== AIM OF THE EXERCISE ==
From the first line of the data through the line containing "from ifc_helpers import", transcribe each line exactly. Pictures do not belong in the copy.

((

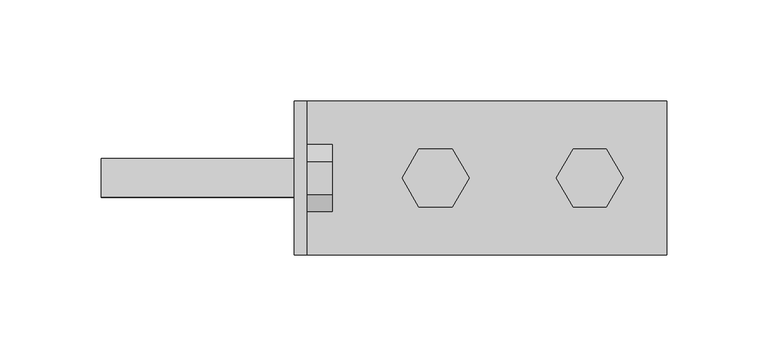
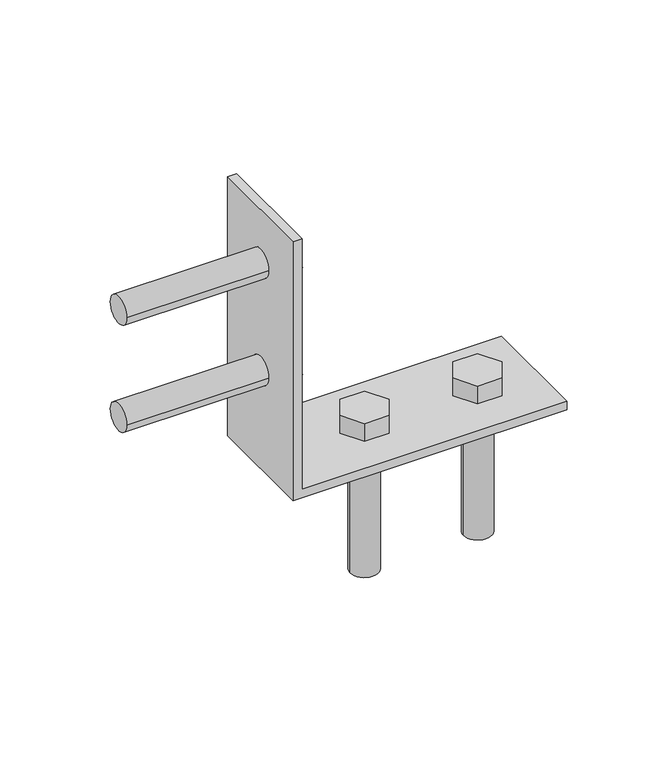
"""IFC4 building model written with IfcOpenShell, lengths in millimetres: fastener geometry, SIMPSON - HLPC/HLGPC Heavy Angles and Gussets : SIMPSON -HL73 - 3 X 7.25 - .75 Bolt - HDG."""

from ifc_helpers import new_model, si_unit, point, frame, frame_2d, origin, place, context, project, spatial, polyline, circle_curve, trimmed, segment, composite_curve, outline, extrude, source, transform, mapped, element, save
from ifc_brep_helpers import plane_surface, revolved_surface, advanced_brep


def fastener_2b3ee341(model_context):
    return source(origin(), model_context, "Body", "SolidModel", [
        extrude(outline(composite_curve([segment(trimmed(circle_curve(frame_2d((0.0, 69.85)), 9.525), [point((-9.525, 69.85))], [point((9.525, 69.85))], False, "CARTESIAN"), True, "CONTINUOUS"), segment(trimmed(circle_curve(frame_2d((0.0, 69.85)), 9.525), [point((9.525, 69.85))], [point((-9.525, 69.85))], False, "CARTESIAN"), True, "CONTINUOUS")], self_intersect=False)), frame((-95.5476562, 0.0, 0.0), z_axis=(1.0, 0.0, 0.0), x_axis=(0.0, 1.0, 0.0)), (0.0, 0.0, 1.0), 101.6),
        extrude(outline(polyline([(-16.4977839, 69.85), (-8.248892, 84.1375), (8.248892, 84.1375), (16.4977839, 69.85), (8.248892, 55.5625), (-8.248892, 55.5625), (-16.4977839, 69.85)])), frame((6.0523438, 0.0, 0.0), z_axis=(1.0, 0.0, 0.0), x_axis=(0.0, 1.0, 0.0)), (0.0, 0.0, 1.0), 12.7),
        extrude(outline(composite_curve([segment(trimmed(circle_curve(frame_2d((0.0, 146.05)), 9.525), [point((-9.525, 146.05))], [point((9.525, 146.05))], False, "CARTESIAN"), True, "CONTINUOUS"), segment(trimmed(circle_curve(frame_2d((0.0, 146.05)), 9.525), [point((9.525, 146.05))], [point((-9.525, 146.05))], False, "CARTESIAN"), True, "CONTINUOUS")], self_intersect=False)), frame((-95.5476562, 0.0, 0.0), z_axis=(1.0, 0.0, 0.0), x_axis=(0.0, 1.0, 0.0)), (0.0, 0.0, 1.0), 101.6),
        extrude(outline(polyline([(-16.4977839, 146.05), (-8.248892, 160.3375), (8.248892, 160.3375), (16.4977839, 146.05), (8.248892, 131.7625), (-8.248892, 131.7625), (-16.4977839, 146.05)])), frame((6.0523438, 0.0, 0.0), z_axis=(1.0, 0.0, 0.0), x_axis=(0.0, 1.0, 0.0)), (0.0, 0.0, 1.0), 12.7),
        extrude(outline(composite_curve([segment(trimmed(circle_curve(frame_2d((146.05, 0.0)), 9.525), [point((136.525, 0.0))], [point((155.575, 0.0))], False, "CARTESIAN"), True, "CONTINUOUS"), segment(trimmed(circle_curve(frame_2d((146.05, 0.0)), 9.525), [point((155.575, 0.0))], [point((136.525, 0.0))], False, "CARTESIAN"), True, "CONTINUOUS")], self_intersect=False)), frame((0.0, 0.0, -95.5476563), z_axis=(0.0, 0.0, 1.0), x_axis=(1.0, 0.0, 0.0)), (0.0, 0.0, 1.0), 101.6),
        extrude(outline(polyline([(129.5522161, 0.0), (137.801108, 14.2875), (154.298892, 14.2875), (162.5477839, 0.0), (154.298892, -14.2875), (137.801108, -14.2875), (129.5522161, 0.0)])), frame((0.0, 0.0, 6.0523437), z_axis=(0.0, 0.0, 1.0), x_axis=(1.0, 0.0, 0.0)), (0.0, 0.0, 1.0), 12.7),
        extrude(outline(composite_curve([segment(trimmed(circle_curve(frame_2d((69.85, 0.0)), 9.525), [point((60.325, 0.0))], [point((79.375, 0.0))], False, "CARTESIAN"), True, "CONTINUOUS"), segment(trimmed(circle_curve(frame_2d((69.85, 0.0)), 9.525), [point((79.375, 0.0))], [point((60.325, 0.0))], False, "CARTESIAN"), True, "CONTINUOUS")], self_intersect=False)), frame((0.0, 0.0, -95.5476563), z_axis=(0.0, 0.0, 1.0), x_axis=(1.0, 0.0, 0.0)), (0.0, 0.0, 1.0), 101.6),
        extrude(outline(polyline([(53.3522161, 0.0), (61.601108, 14.2875), (78.098892, 14.2875), (86.3477839, 0.0), (78.098892, -14.2875), (61.601108, -14.2875), (53.3522161, 0.0)])), frame((0.0, 0.0, 6.0523437), z_axis=(0.0, 0.0, 1.0), x_axis=(1.0, 0.0, 0.0)), (0.0, 0.0, 1.0), 12.7),
        advanced_brep(
        [(6.0523438, 38.1, 184.15), (6.0523438, -38.1, 184.15), (6.0523438, -38.1, 6.0523437), (6.0523438, 38.1, 6.0523437), (6.0523438, 9.525, 69.85), (6.0523438, -9.525, 69.85), (6.0523438, 9.525, 146.05), (6.0523438, -9.525, 146.05), (0.0, -38.1, 184.15), (0.0, 38.1, 184.15), (0.0, 38.1, 0.0), (0.0, -38.1, 0.0), (0.0, -9.525, 69.85), (0.0, 9.525, 69.85), (0.0, -9.525, 146.05), (0.0, 9.525, 146.05), (184.15, -38.1, 0.0), (184.15, -38.1, 6.0523437), (184.15, 38.1, 6.0523437), (184.15, 38.1, 0.0), (79.375, 0.0, 6.0523437), (60.325, 0.0, 6.0523437), (155.575, 0.0, 6.0523437), (136.525, 0.0, 6.0523437), (60.325, 0.0, 0.0), (79.375, 0.0, 0.0), (136.525, 0.0, 0.0), (155.575, 0.0, 0.0)],
        [
            (0, 1),
            (1, 2),
            (2, 3),
            (3, 0),
            (4, 5, circle_curve(frame((6.0523438, 0.0, 69.85), z_axis=(-1.0, 0.0, 0.0), x_axis=(0.0, 1.0, 0.0)), 9.525)),
            (5, 4, circle_curve(frame((6.0523438, 0.0, 69.85), z_axis=(-1.0, 0.0, 0.0), x_axis=(0.0, 1.0, 0.0)), 9.525)),
            (6, 7, circle_curve(frame((6.0523438, 0.0, 146.05), z_axis=(-1.0, 0.0, 0.0), x_axis=(0.0, 1.0, 0.0)), 9.525)),
            (7, 6, circle_curve(frame((6.0523438, 0.0, 146.05), z_axis=(-1.0, 0.0, 0.0), x_axis=(0.0, 1.0, 0.0)), 9.525)),
            (8, 9),
            (9, 10),
            (10, 11),
            (11, 8),
            (12, 13, circle_curve(frame((0.0, 0.0, 69.85), z_axis=(1.0, 0.0, 0.0), x_axis=(0.0, 1.0, 0.0)), 9.525)),
            (13, 12, circle_curve(frame((0.0, 0.0, 69.85), z_axis=(1.0, 0.0, 0.0), x_axis=(0.0, 1.0, 0.0)), 9.525)),
            (14, 15, circle_curve(frame((0.0, 0.0, 146.05), z_axis=(1.0, 0.0, 0.0), x_axis=(0.0, 1.0, 0.0)), 9.525)),
            (15, 14, circle_curve(frame((0.0, 0.0, 146.05), z_axis=(1.0, 0.0, 0.0), x_axis=(0.0, 1.0, 0.0)), 9.525)),
            (0, 9),
            (8, 1),
            (11, 16),
            (16, 17),
            (17, 2),
            (3, 18),
            (18, 19),
            (19, 10),
            (17, 18),
            (20, 21, circle_curve(frame((69.85, 0.0, 6.0523437), z_axis=(0.0, 0.0, -1.0), x_axis=(1.0, 0.0, 0.0)), 9.525)),
            (21, 20, circle_curve(frame((69.85, 0.0, 6.0523437), z_axis=(0.0, 0.0, -1.0), x_axis=(1.0, 0.0, 0.0)), 9.525)),
            (22, 23, circle_curve(frame((146.05, 0.0, 6.0523437), z_axis=(0.0, 0.0, -1.0), x_axis=(1.0, 0.0, 0.0)), 9.525)),
            (23, 22, circle_curve(frame((146.05, 0.0, 6.0523437), z_axis=(0.0, 0.0, -1.0), x_axis=(1.0, 0.0, 0.0)), 9.525)),
            (19, 16),
            (24, 25, circle_curve(frame((69.85, 0.0, 0.0), z_axis=(0.0, 0.0, 1.0), x_axis=(1.0, 0.0, 0.0)), 9.525)),
            (25, 24, circle_curve(frame((69.85, 0.0, 0.0), z_axis=(0.0, 0.0, 1.0), x_axis=(1.0, 0.0, 0.0)), 9.525)),
            (26, 27, circle_curve(frame((146.05, 0.0, 0.0), z_axis=(0.0, 0.0, 1.0), x_axis=(1.0, 0.0, 0.0)), 9.525)),
            (27, 26, circle_curve(frame((146.05, 0.0, 0.0), z_axis=(0.0, 0.0, 1.0), x_axis=(1.0, 0.0, 0.0)), 9.525)),
            (20, 25),
            (24, 21),
            (22, 27),
            (26, 23),
            (4, 13),
            (12, 5),
            (6, 15),
            (14, 7),
        ],
        [
            plane_surface(frame((6.0523438, -38.1, 184.15), z_axis=(1.0, 0.0, 0.0), x_axis=(0.0, -1.0, 0.0))),
            plane_surface(frame((0.0, -38.1, 184.15), z_axis=(-1.0, 0.0, 0.0), x_axis=(0.0, 1.0, 0.0))),
            plane_surface(frame((6.0523438, 38.1, 184.15), z_axis=(0.0, 0.0, 1.0), x_axis=(-1.0, 0.0, 0.0))),
            plane_surface(frame((6.0523438, -38.1, 184.15), z_axis=(0.0, -1.0, 0.0), x_axis=(-1.0, 0.0, 0.0))),
            plane_surface(frame((6.0523438, 38.1, 6.0523437), z_axis=(0.0, 1.0, 0.0), x_axis=(-1.0, 0.0, 0.0))),
            plane_surface(frame((0.0, 38.1, 6.0523437), z_axis=(0.0, 0.0, 1.0), x_axis=(-1.0, 0.0, 0.0))),
            plane_surface(frame((0.0, 38.1, 0.0), z_axis=(0.0, 0.0, -1.0), x_axis=(1.0, 0.0, 0.0))),
            plane_surface(frame((184.15, -38.1, 6.0523437), z_axis=(1.0, 0.0, 0.0), x_axis=(0.0, 0.0, -1.0))),
            revolved_surface(polyline([(79.375, 0.0, 6.0523437), (79.375, 0.0, 0.0)]), (69.85, 0.0, 0.0), (0.0, 0.0, 1.0)),
            revolved_surface(polyline([(155.57500000000002, 0.0, 6.0523437), (155.57500000000002, 0.0, 0.0)]), (146.05, 0.0, 0.0), (0.0, 0.0, 1.0)),
            revolved_surface(polyline([(6.0523438, 9.525, 69.85), (0.0, 9.525, 69.85)]), (0.0, 0.0, 69.85), (1.0, 0.0, 0.0)),
            revolved_surface(polyline([(6.0523438, 9.525, 146.05), (0.0, 9.525, 146.05)]), (0.0, 0.0, 146.05), (1.0, 0.0, 0.0)),
        ],
        [
            (0, [[1, 2, 3, 4], [5, 6], [7, 8]]),
            (1, [[9, 10, 11, 12], [13, 14], [15, 16]]),
            (2, [[-1, 17, -9, 18]]),
            (3, [[-2, -18, -12, 19, 20, 21]]),
            (4, [[-4, 22, 23, 24, -10, -17]]),
            (5, [[25, -22, -3, -21], [26, 27], [28, 29]]),
            (6, [[30, -19, -11, -24], [31, 32], [33, 34]]),
            (7, [[-25, -20, -30, -23]]),
            (8, [[35, -31, 36, -26]]),
            (8, [[-35, -27, -36, -32]]),
            (9, [[37, -33, 38, -28]]),
            (9, [[-37, -29, -38, -34]]),
            (10, [[39, -13, 40, -5]]),
            (10, [[-39, -6, -40, -14]]),
            (11, [[41, -15, 42, -7]]),
            (11, [[-41, -8, -42, -16]]),
        ],
    ),
    ])


if __name__ == "__main__":
    model = new_model("IFC4")
    model_context = context("Model", 3, world=origin())
    ifc_project = project(units=[si_unit("LENGTHUNIT", "METRE", prefix="MILLI")], contexts=[model_context])
    site = spatial("IfcSite", under=ifc_project)
    building = spatial("IfcBuilding", under=site)
    placement = place(None, origin())
    fastener_shape = fastener_2b3ee341(model_context)
    element("IfcFastener", 1, ObjectType="SIMPSON - HLPC/HLGPC Heavy Angles and Gussets : SIMPSON -HL73 - 3 X 7.25 - .75 Bolt - HDG", at=placement, inside=building, context=model_context, shape_type="MappedRepresentation", body=[
        mapped(fastener_shape, transform((0.0, 0.0, 0.0), x_axis=(1.0, 0.0, 0.0), y_axis=(0.0, 1.0, 0.0), z_axis=(0.0, 0.0, 1.0))),
    ])
    save(model, "model.ifc")

# Revit data of these elements
# Type "SIMPSON - HLPC/HLGPC Heavy Angles and Gussets : SIMPSON -HL73 - 3 X 7.25 - .75 Bolt - HDG"
#   URL = "https://www.strongtie.com/classiccollection_architecturalproductsgroup/hlpc-hlgpc_productgroup_wcc/p/hlpc.hlgpc"
#   L = 0' - 3"
#   Hole Radius = 0' - 0 3/8"
#   D4 = 0' - 3"
#   D2 = 0' - 5"
#   D1 = 0' - 1 1/2"
#   D3 = 0' - 2 3/4"
#   Ga. = 0' - 0 61/256"
#   W1 & W2 = 0' - 7 1/4"
#   Default Elevation = 4' - 0"
#   Bolt Visibility - 3B = no
#   Bolt Visibility - 3A = no
#   Bolt Visibility - 2B = no
#   Bolt Visibility - 2A = no
#   Bolt Visibility - 1B = yes
#   Bolt Visibility - 1A = yes
#   Bolt Visibility = yes
#   Bolt Size = element 1298415
# Element 1 (IfcFastener, "SIMPSON - HLPC/HLGPC Heavy Angles and Gussets : SIMPSON -HL73 - 3 X 7.25 - .75 Bolt - HDG")
#   Materials on its faces: "1\" GALV. LAG BOLT (LENGTH = 1/2\" SHY OF GLULAM DEPTH) -  (GALV. THRU BOLT IF PLATE ON OPP. SIDE OF STRUCT MEMBER)"
# Materials
#   "1\" GALV. LAG BOLT (LENGTH = 1/2\" SHY OF GLULAM DEPTH) -  (GALV. THRU BOLT IF PLATE ON OPP. SIDE OF STRUCT MEMBER)": class "Generic", colour RGB 120 120 120, transparency 0, Cost = 0

))

== TASK ANSWER ==
"""IFC4 building model written with IfcOpenShell, lengths in millimetres: fastener geometry, SIMPSON - HLPC/HLGPC Heavy Angles and Gussets : SIMPSON -HL73 - 3 X 7.25 - .75 Bolt - HDG."""

from ifc_helpers import new_model, si_unit, point, frame, frame_2d, origin, place, context, project, spatial, polyline, circle_curve, trimmed, segment, composite_curve, outline, extrude, source, transform, mapped, element, save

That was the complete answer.